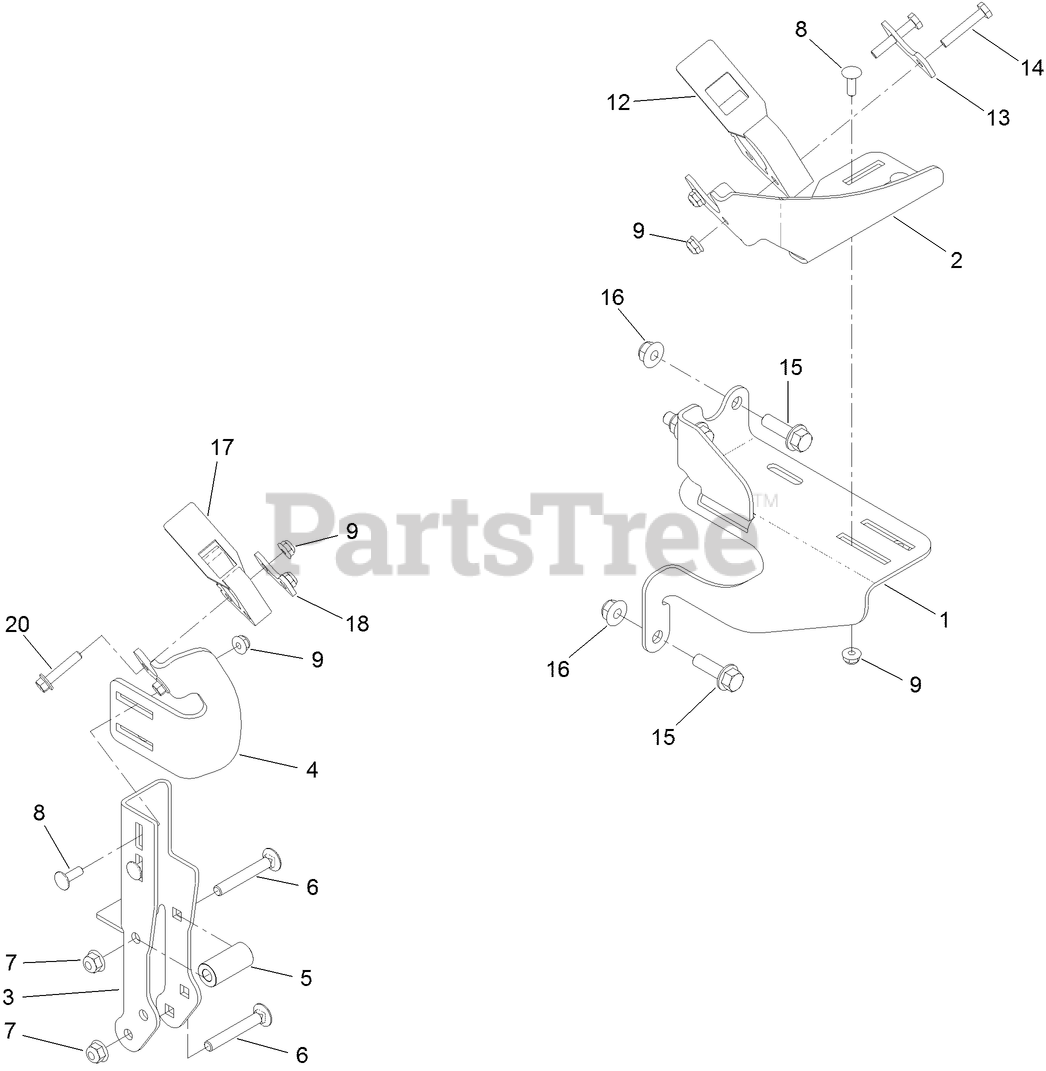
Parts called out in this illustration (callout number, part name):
1	BRACKET-WELDED
2	BRACKET-SLOT
3	BRACE-MOUNT
4	PLATE-ADJUSTMENT
5	HUB-PIVOT
6	BOLT-CARR
7	NUT-HF, NI
8	BOLT-CARR
9	NUT-HF
12	CLAMP-QUICK FIST, ORIGINAL
13	PLATE-BACKER, LARGE
14	SCREW-HH
15	SCREW-HHF
16	NUT-HF, NI
17	CLAMP-QUICK FIST, MINI
18	PLATE-BACKER, SMALL
20	SCREW-HHF
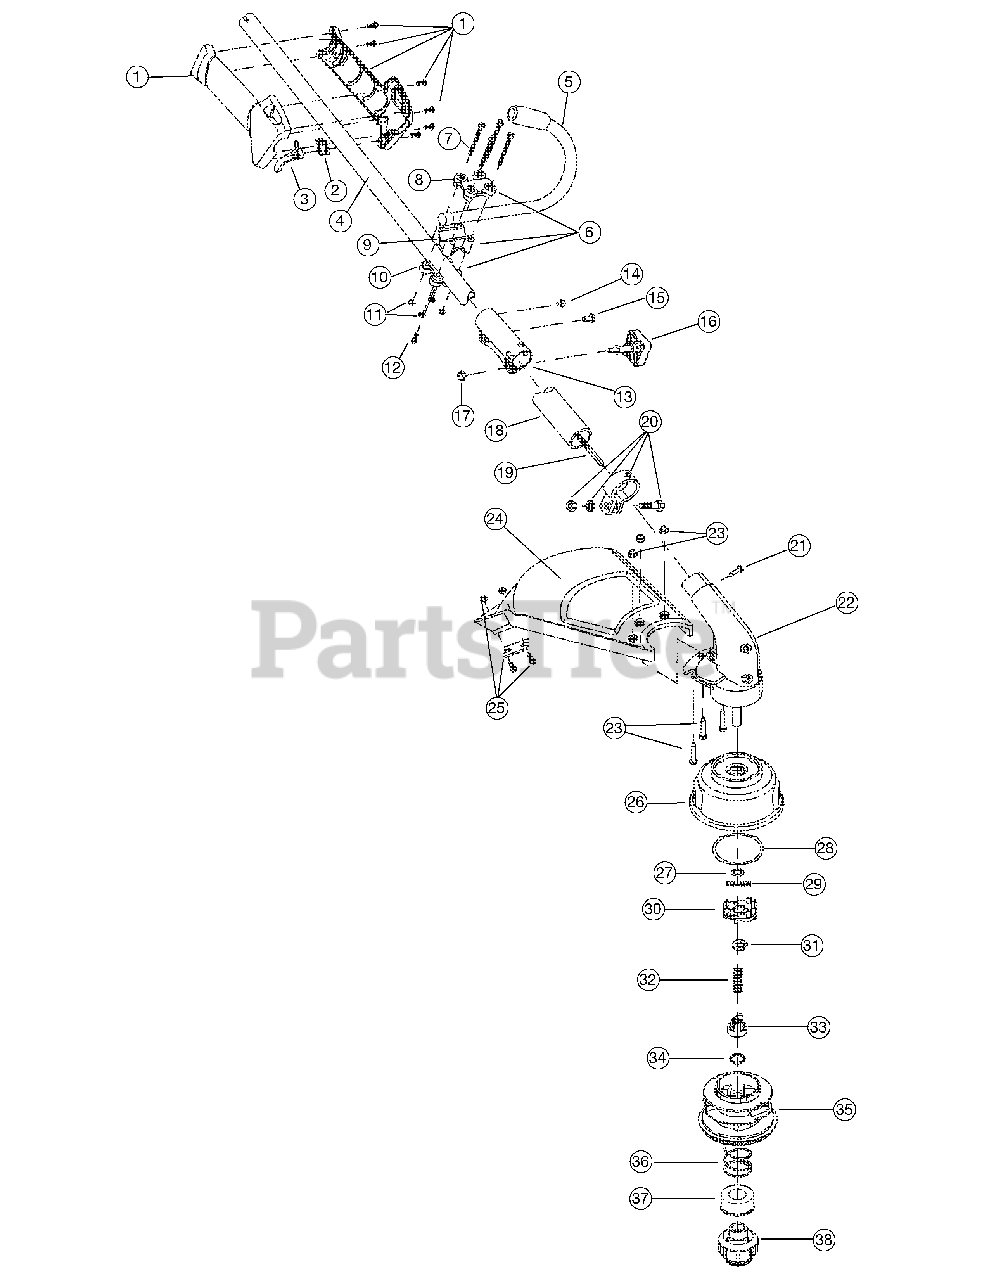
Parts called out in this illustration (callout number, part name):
1	Throttle HousingAssembly (includes 2 & 3)
2	Throttle Trigger Spring
3	Throttle Trigger
4	Upper Drive Shaft Housing Assembly
5	J-Handle Assembly
6	Handle Bracket Assembly (includes 7-12)
8	Upper Handle Clamp
9	Middle Handle Clamp
10	Lower Handle Clamp
12	Anti-Rotation Screw
13	Split Boom Coupler (includes 14-17)
16	Adjustment Knob (Includes 17)
17	Knob Retaining Nut
18	Lower Drive Shaft Housing Assembly
19	Lower Flexible Drive Shaft
20	Lower Clamp Assembly (includes 21)
21	Anti-Rotation Screw
22	Gearbox Assembly (includes 20 & 26-38)
23	Shield Mounting Hardware
24	Shield Assembly (includes 25)
25	Blade Assembly
26	Outer Spool Assembly (includes 27)
27	Retainer
28	Thrust Washer
29	Small Spring
30	Slider
33	Plunger
35	Inner Reel
36	Large Spring
37	Foam Seal
38	Bump Head Knob Assembly (Includes 36 & 37)
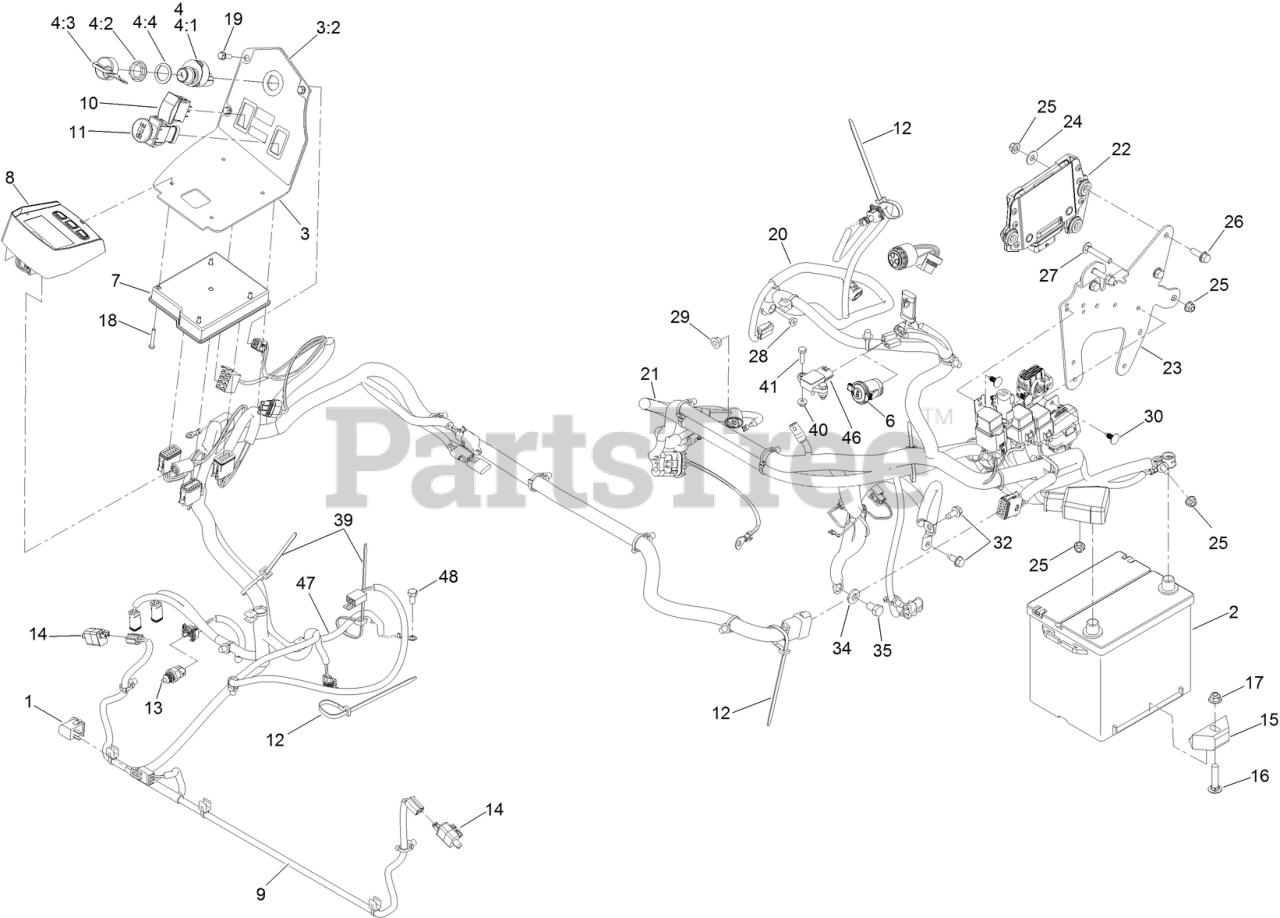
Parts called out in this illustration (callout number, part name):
1	SWITCH-BAIL
2	BATTERY-DRY
3	CONSOLE ASM
3:2	DECAL-CONTROL PANEL
4	IGNITION SWITCH ASM
4:1	HUB and BEARING ASM
4:2	NUT-MOUNTING
4:3	IGNITION KEY SET
4:4	WASHER-BACKUP
6	PORT-POWER, 12V
7	MODULE-MCU
8	MODULE-HORIZON
9	HARNESS-WIRE
10	SWITCH
11	SWITCH-PTO, SEALED
12	TIE-PLASTIC
13	SENSOR-TEMPERATURE
14	SWITCH
15	RETAINER-BATTERY
16	SCREW-CARR
17	NUT-HF, NI
18	SCREW-PPH
19	SCREW-HWH
20	HARNESS-WIRE
21	CABLE-BATTERY
22	SEE 135-4281 (SERVICE ASM)
23	BRACKET-MOUNT, ECU
24	WASHER-FLAT
25	NUT-HF, NI
26	SCREW-HHF
27	BOLT-CARR
28	NUT-HF
29	NUT-HF
30	PLUG-PLASTIC
32	SCREW-HWHTF
34	WASHER-BELLEVILLE
35	SCREW-HH
39	TIE-CABLE
40	NUT-HF
41	SCREW-HH
46	SENSOR-ATM
47	HARNESS-WIRE, JUMPER
48	BOLT
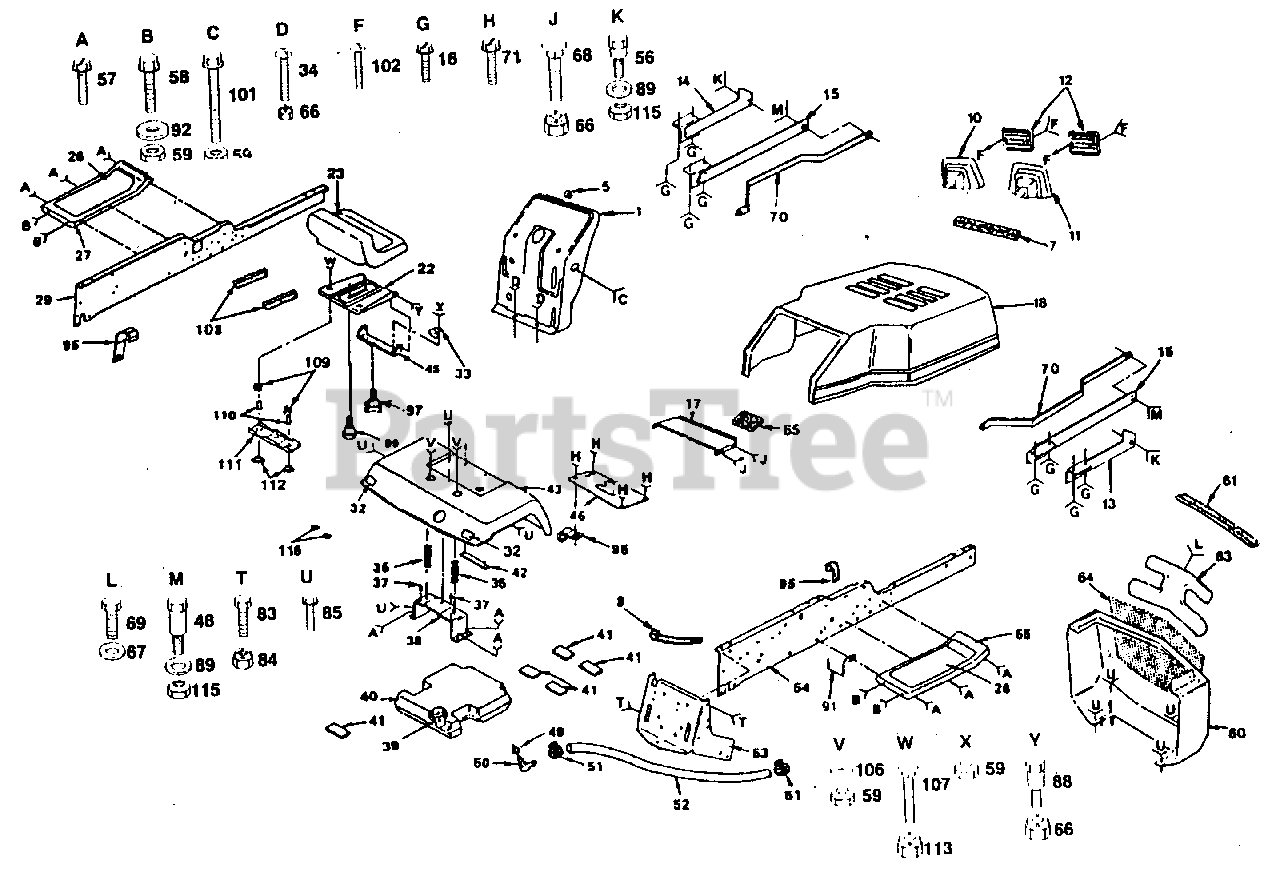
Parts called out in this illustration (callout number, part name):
5	Plug, Dash (AYP part number)
7	Foam, Strip (AYP part number)
8	Cable, Tie (AYP part number)
10	Bezel, L.H. (AYP part number)
11	Bezel, R.H. (AYP part number)
12	Lens (AYP part number)
13	Strap Assembly Hinge R.H. (AYP part number)
14	Strap Assembly Hinge L.H. (AYP part number)
15	Strap Assembly Hinge Rear (AYP part number)
16	Screw, Hex Wsh. Hd. #13-16 x 5/8 (AYP part number)
17	Support, Battery (AYP part number)
18	Hood (AYP part number)
22	Pan, Seat (AYP part number)
23	Seat (AYP part number)
26	Pad, Footrest (AYP part number)
27	Footrest, L.H. (AYP part number)
29	Rail, Frame, L.H. (AYP part number)
32	Reflector, Taillight (AYP part number)
33	Clip, Insulated (AYP part number)
34	Screw, Mach. Hd. 5/16-18 x 3/4 (AYP part number)
35	Spring, Compression (AYP part number)
37	Nut, Push (AYP part number)
38	Bracket, Fender (AYP part number)
39	Cap, Fuel (AYP part number)
40	Tank, Fuel (AYP part number)
41	Pad, Spacer (AYP part number)
42	Strap, Fender (AYP part number)
43	Fender (AYP part number)
45	Bracket, Pivot, Seat (AYP part number)
46	Cover, Shift-Gate (AYP part number)
48	Bolt, Shoulder (AYP part number)
49	Bushing (AYP part number)
50	Stem, Tank Fuel (AYP part number)
51	Clamp, Hose (AYP part number)
52	Fuel Line (AYP part number)
53	Drawbar (AYP part number)
54	Rail, Frame, R.H. (AYP part number)
55	Footrest, R.H. (AYP part number)
56	Bolt, Shoulder (AYP part number)
57	Screw, Hex Washer Thread Rolling 3/8-16 x 3/4 (AYP part number)
58	Bolt, Hex 3/8-16 x 3/4 (AYP part number)
59	Locknut 3/8-16
60	Grill (AYP part number)
61	Foam, Strip
63	Grill, Insert
64	Screen, Grill
65	Foam, Strip (AYP part number)
66	Nut, Crownlock 5/16-18
67	Washer 7/32 x 5/8 x 16 Ga. (AYP part number)
68	Bolt, Carriage 5/16-18 x 3/4
69	Screw, Hex #12 x 1/2 (AYP part number)
70	Brace, Grill (AYP part number)
71	Screw, Hex 1/4-20 x 1/2 (AYP part number)
83	Bolt, Hex 7/16-14 x 1 (AYP part number)
84	Locknut 7/16-14 (AYP part number)
85	Screw, Hex Washer Thread Rolling 3/8 x 16 x 1/2 (AYP part number)
88	Bolt, Shoulder (AYP part number)
89	Washer 9/32 x 1/2 x 16 Ga. (AYP part number)
91	Retainer, Belt, Lower (AYP part number)
92	Washer 13/32 x 13/16 x 17 Ga. (AYP part number)
95	Clip, Insulated (AYP part number)
97	Knob (AYP part number)
99	Bolt, Shoulder 5/16-18 (AYP part number)
101	Bolt, Hex 3/8-16 x 1-1/2 (AYP part number)
102	Screw, Pan Hd. #8-18 x 1/2 (AYP part number)
106	Washer, 13/32 x 1 x 14 Ga. (AYP part number)
107	Bolt, Carr. 1/4-20 x 1-1/4 (AYP part number)
108	Foam, Strip (AYP part number)
109	Spring, Compression (AYP part number)
110	Spacer, Split (AYP part number)
111	Bracket, Switch (AYP part number)
112	Bushing, Snap (AYP part number)
113	Locknut, Flange 1/4-20 (AYP part number)
115	Nut, Crownlock 1/4-20 (AYP part number)
116	Cap, Spring (AYP part number)
-*-*-
▸ What you are asked to do
Give the number of lines in the records that hold the word "Fender", with no other words.

▸ Output for this task
3